Contain THIS!

Saturday, June 23, 2007 | 08:49 AM

>
"If you owe the bank $100 that's your problem. If you owe the bank $100 million, that's the bank's problem."
— JP Getty

>

Amongst a certain contigent of mindless bulls, the blathering idiocy of politically motivated cretins, the cognesceti who have been clothing the emperor, has been the mindboggling transparent bullshit that the fall in Housing would have no impact on either the economy or the markets.

I have a hard time determining whether much of the trading community was blindly lapping up the spewage -- or that they knew better, but were too busy clawing to maintain some semblance of competition (short term, anyway) with their benchmarks.

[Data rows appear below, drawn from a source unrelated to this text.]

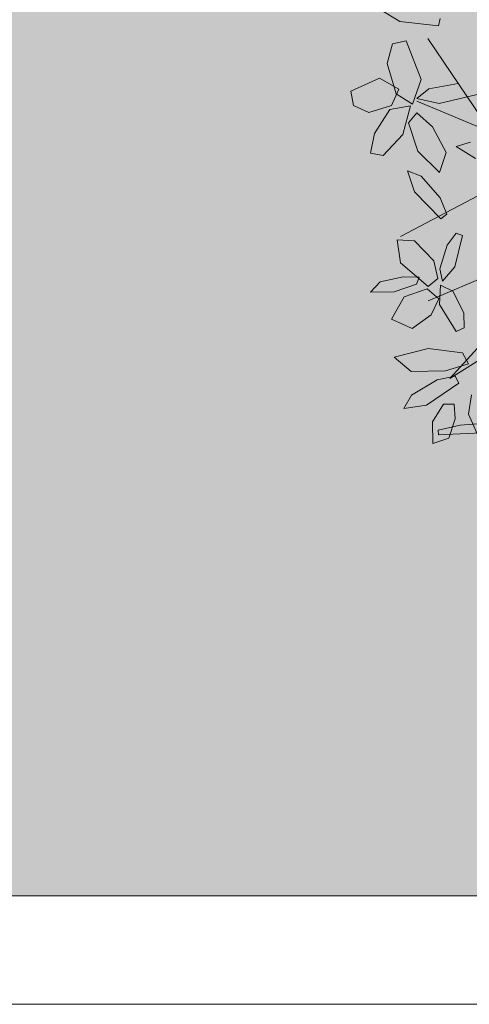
# Model space of a CAD drawing. Header units: millimetres. Extents: x -1567 to 968, y -503 to 481.
# Tile 97 of 145: x -471.09 to -470.05, y -139.44 to -137.17. Entities that reach past the tile are written whole.
import ezdxf

# ---------------------------------------------------------------- set-up
doc = ezdxf.new("R2010")
doc.units = ezdxf.units.MM
doc.layers.get('0').update_dxf_attribs({"lineweight": 0})
doc.layers.add('ARBOLES', color=2, linetype='Continuous')
doc.layers.add('cota', color=253, linetype='Continuous', lineweight=0)
doc.layers.add('Hatch Jardin', color=64, linetype='Continuous', lineweight=0, true_color=0x729900)

# ---------------------------------------------------------------- blocks, each defined once
blk = doc.blocks.new('ARR2')
at = {"layer": 'ARBOLES', "color": 82, "lineweight": 5, "true_color": 0x49ca12}
for p, q in [((2739.3709, 1214.8502), (2739.4356, 1214.8106)), ((2739.4356, 1214.8106), (2739.5648, 1214.7953)), ((2739.5648, 1214.7953), (2739.5701, 1214.8197)), ((2739.4116, 1214.7359), (2739.3941, 1214.6702)), ((2739.4565, 1214.7454), (2739.4116, 1214.7359)), ((2739.5069, 1214.6174), (2739.4565, 1214.7454)), ((2739.7357, 1214.4481), (2739.5297, 1214.7537)), ((2739.3941, 1214.6702), (2739.4234, 1214.5694)), ((2739.4331, 1214.5843), (2739.3684, 1214.6215)), ((2739.4777, 1214.5345), (2739.5069, 1214.6174)), ((2739.6307, 1214.6032), (2739.5323, 1214.5855)), ((2739.4085, 1214.5301), (2739.4331, 1214.5843)), ((2739.4234, 1214.5694), (2739.4777, 1214.5345)), ((2739.5323, 1214.5855), (2739.4928, 1214.5535)), ((2739.5673, 1214.5369), (2739.6939, 1214.5672)), ((2739.2815, 1214.5308), (2739.3325, 1214.5073)), ((2739.3325, 1214.5073), (2739.4085, 1214.5301)), ((2739.4714, 1214.5293), (2739.4023, 1214.5175)), ((2739.4456, 1214.434), (2739.4714, 1214.5293)), ((2740.2945, 1214.2111), (2739.492, 1214.5443)), ((2739.4928, 1214.5535), (2739.5673, 1214.5369)), ((2739.4023, 1214.5175), (2739.352, 1214.4375)), ((2739.4925, 1214.506), (2739.4649, 1214.4724)), ((2739.5442, 1214.4597), (2739.4925, 1214.506)), ((2739.4649, 1214.4724), (2739.4959, 1214.3786)), ((2739.352, 1214.4375), (2739.338, 1214.3714)), ((2739.3805, 1214.3634), (2739.4456, 1214.434)), ((2739.5906, 1214.3743), (2739.5442, 1214.4597)), ((2739.6708, 1214.4087), (2739.6231, 1214.3935)), ((2739.338, 1214.3714), (2739.3805, 1214.3634)), ((2739.9655, 1214.3726), (2739.4378, 1214.0937)), ((2739.4959, 1214.3786), (2739.5677, 1214.307)), ((2739.5677, 1214.307), (2739.5906, 1214.3743)), ((2739.6231, 1214.3935), (2739.6878, 1214.3539)), ((2739.4613, 1214.3126), (2739.4851, 1214.2428)), ((2739.5071, 1214.2954), (2739.4613, 1214.3126)), ((2739.5706, 1214.2225), (2739.5071, 1214.2954)), ((2739.4851, 1214.2428), (2739.573, 1214.1527)), ((2739.5925, 1214.1683), (2739.5706, 1214.2225)), ((2739.6024, 1213.6218), (2740.5631, 1214.2272)), ((2740.275, 1214.1978), (2739.5306, 1213.8801)), ((2739.573, 1214.1527), (2739.5925, 1214.1683)), ((2739.6232, 1214.1048), (2739.5933, 1214.0649)), ((2739.6442, 1214.0974), (2739.6232, 1214.1048)), ((2739.4275, 1214.0832), (2739.4379, 1214.006)), ((2739.4852, 1214.0795), (2739.4275, 1214.0832)), ((2739.5495, 1214.0136), (2739.4852, 1214.0795)), ((2739.6192, 1213.9933), (2739.6442, 1214.0974)), ((2739.5933, 1214.0649), (2739.5695, 1213.9862)), ((2739.9988, 1214.0577), (2739.6024, 1213.6218)), ((2739.4379, 1214.006), (2739.5303, 1213.928)), ((2739.5623, 1213.9548), (2739.5495, 1214.0136)), ((2739.5695, 1213.9862), (2739.5786, 1213.9451)), ((2739.5786, 1213.9451), (2739.6192, 1213.9933)), ((2739.3382, 1213.9093), (2739.3704, 1213.9437)), ((2739.3704, 1213.9437), (2739.4465, 1213.9596)), ((2739.4465, 1213.9596), (2739.5001, 1213.9584)), ((2739.5001, 1213.9584), (2739.4916, 1213.9352)), ((2739.5303, 1213.928), (2739.5623, 1213.9548)), ((2739.4174, 1213.9104), (2739.3382, 1213.9093)), ((2739.4916, 1213.9352), (2739.4174, 1213.9104)), ((2739.5265, 1213.9202), (2739.4505, 1213.8928)), ((2739.5661, 1213.887), (2739.5265, 1213.9202)), ((2739.5716, 1213.9325), (2739.5681, 1213.8679)), ((2739.6124, 1213.9121), (2739.5716, 1213.9325)), ((2739.6492, 1213.8404), (2739.6124, 1213.9121)), ((2739.4505, 1213.8928), (2739.4079, 1213.8186)), ((2739.5402, 1213.8332), (2739.5661, 1213.887)), ((2739.5681, 1213.8679), (2739.6233, 1213.778)), ((2739.65, 1213.7897), (2739.6492, 1213.8404)), ((2739.4079, 1213.8186), (2739.4768, 1213.7881)), ((2739.4768, 1213.7881), (2739.5402, 1213.8332)), ((2739.6233, 1213.778), (2739.65, 1213.7897)), ((2739.5303, 1213.7208), (2739.4169, 1213.6922)), ((2739.6444, 1213.7067), (2739.5303, 1213.7208)), ((2739.4169, 1213.6922), (2739.4742, 1213.6452)), ((2739.6642, 1213.67), (2739.6444, 1213.7067)), ((2739.4742, 1213.6452), (2739.588, 1213.6472)), ((2739.588, 1213.6472), (2739.6642, 1213.67)), ((2739.5604, 1213.6171), (2739.4749, 1213.5653)), ((2739.6197, 1213.6293), (2739.5604, 1213.6171)), ((2739.6323, 1213.6062), (2739.6197, 1213.6293)), ((2739.525, 1213.5325), (2739.6323, 1213.6062)), ((2739.4749, 1213.5653), (2739.4495, 1213.5213)), ((2739.6743, 1213.5669), (2739.6645, 1213.5025)), ((2739.4495, 1213.5213), (2739.525, 1213.5325)), ((2739.581, 1213.5364), (2739.5451, 1213.4767)), ((2739.6168, 1213.5363), (2739.581, 1213.5364)), ((2739.6206, 1213.4867), (2739.6168, 1213.5363)), ((2739.5986, 1213.4223), (2739.6206, 1213.4867)), ((2739.6645, 1213.5025), (2739.708, 1213.4044)), ((2739.5451, 1213.4767), (2739.5461, 1213.4045)), ((2739.5634, 1213.4488), (2739.6368, 1213.4661)), ((2739.5649, 1213.4336), (2739.5634, 1213.4488)), ((2739.6368, 1213.4661), (2739.7653, 1213.4757)), ((2739.5461, 1213.4045), (2739.5986, 1213.4223)), ((2739.7319, 1213.4419), (2739.5649, 1213.4336))]:
    blk.add_line(p, q, dxfattribs=at)
at = {"layer": 'ARBOLES', "color": 74, "lineweight": 5, "true_color": 0x4bb521}
for p, q in [((2739.3684, 1214.6215), (2739.2724, 1214.5786)), ((2739.2724, 1214.5786), (2739.2815, 1214.5308))]:
    blk.add_line(p, q, dxfattribs=at)

msp = doc.modelspace()

# ---------------------------------------------------------------- hatches: boundary and pattern name
at = {"layer": 'Hatch Jardin', "lineweight": 0, "true_color": 0x136734, "transparency": 33554597}
h = msp.add_hatch(dxfattribs=at)
h.set_pattern_fill('AR-SAND', color=116, scale=0.0034, angle=304.2117, style=0)
h.set_pattern_definition([(341.711704, (-28.12582, -178.575), (0.1345488, 0.09805785), [0, -0.1312672, 0, -0.146812, 0, -0.140335]), (311.711704, (-28.12582, -178.575), (0.287482, 0.01064072), [0, -0.0708152, 0, -0.1183132, 0, -0.045339]), (271.711704, (-28.18555, -178.48715), (0.15161477, -0.22212728), [0, -0.04318, 0, -0.155448, 0, -0.202946]), (261.711704, (-28.18555, -178.48715), (0.20864654, -0.17207145), [0, -0.02159, 0, -0.1019048, 0, -0.116586])])
edge = h.paths.add_edge_path()
edge.add_line((-459.3717, -139.1911), (-479.0163, -139.1911))
edge.add_line((-479.0163, -139.1911), (-479.0163, -136.5411))
edge.add_arc((-478.1163, -136.5411), 0.9, 89.9988, 180, ccw=False)
edge.add_line((-478.1163, -135.6411), (-460.2707, -135.6411))
edge.add_arc((-460.2717, -136.5411), 0.9, 0.0268, 89.9367, ccw=False)
edge.add_line((-459.3717, -136.5406), (-459.3717, -139.1911))

# ---------------------------------------------------------------- linework, layer by layer
msp.add_lwpolyline([(-479.1163, -139.1911), (-459.5517, -139.1911), (-459.5517, -139.4411), (-479.1163, -139.4411)], close=True)

# ---------------------------------------------------------------- block references
at = {"layer": 'cota', "xscale": 0.6917913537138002, "yscale": 0.6917913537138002, "zscale": 0.6917913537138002}
msp.add_blockref('ARR2', (-2365.3288, -977.5722, 1350.8029), dxfattribs=at)

doc.saveas('drawing.dxf')

There is but one question before the trading crowd: How much is this going to hurt? Is this going to sting a little? Will we be pulling out our penknives to hack off our a limb in order to survive? I sure as hell don't know if this gets worse, has already bottomed, or will spiral further downwards -- but its apparent to even the most ardent bull that this is more than a mere boo-boo.   

That line of thought was eloquently expressed by Barron's Alan Abelson in this week's missive:

"The stock market got roughed up again last week, in the process summarily giving the lie to the complacent fiction that has found such favor with the Wall Street wise guys: that the collapse of housing is not having much of an effect on the consumer's psyche or the economy.

So, pray tell, we ask them, how do you explain that huge and ever-widening sinkhole in the mortgage market? Or the rather panicky rise in bond yields? Or the evident unease in the populace at large, manifesting itself in the unimaginable-an atrophying desire to consume?

And, if not the devastation visited on housing and the massive wave of delinquencies and foreclosures that are accompanying it, what caused the fiasco that has befallen Bear Stearns, the investment bank with a hedge-fund mentality (an aberration most investments suffer from these days)? An irresponsible computer that insisted on screwing up an otherwise infallible risk-model? An innocent mispricing mishap? Or, perhaps, it was something beyond any mortal being's control -- nothing less than an act of Lucifer." (emphasis added)

As the quote at the top of the page insinuates, being owed a little is not a problem that disturbs the dreams of bankers; Owe them alot, however -- and it is suddenly their problem. I wonder what old JP would say about owing $3.2 billion dollars?

Abelson continues:

"Bear Stearns came within the width of an old school tie of having to liquidate its two jumbo hedge funds, whose combined portfolios were supposedly worth $20 billion and were loaded to the gills with assets shrinking with the speed of light, for no reason other than they served as collateral for subprime mortgages.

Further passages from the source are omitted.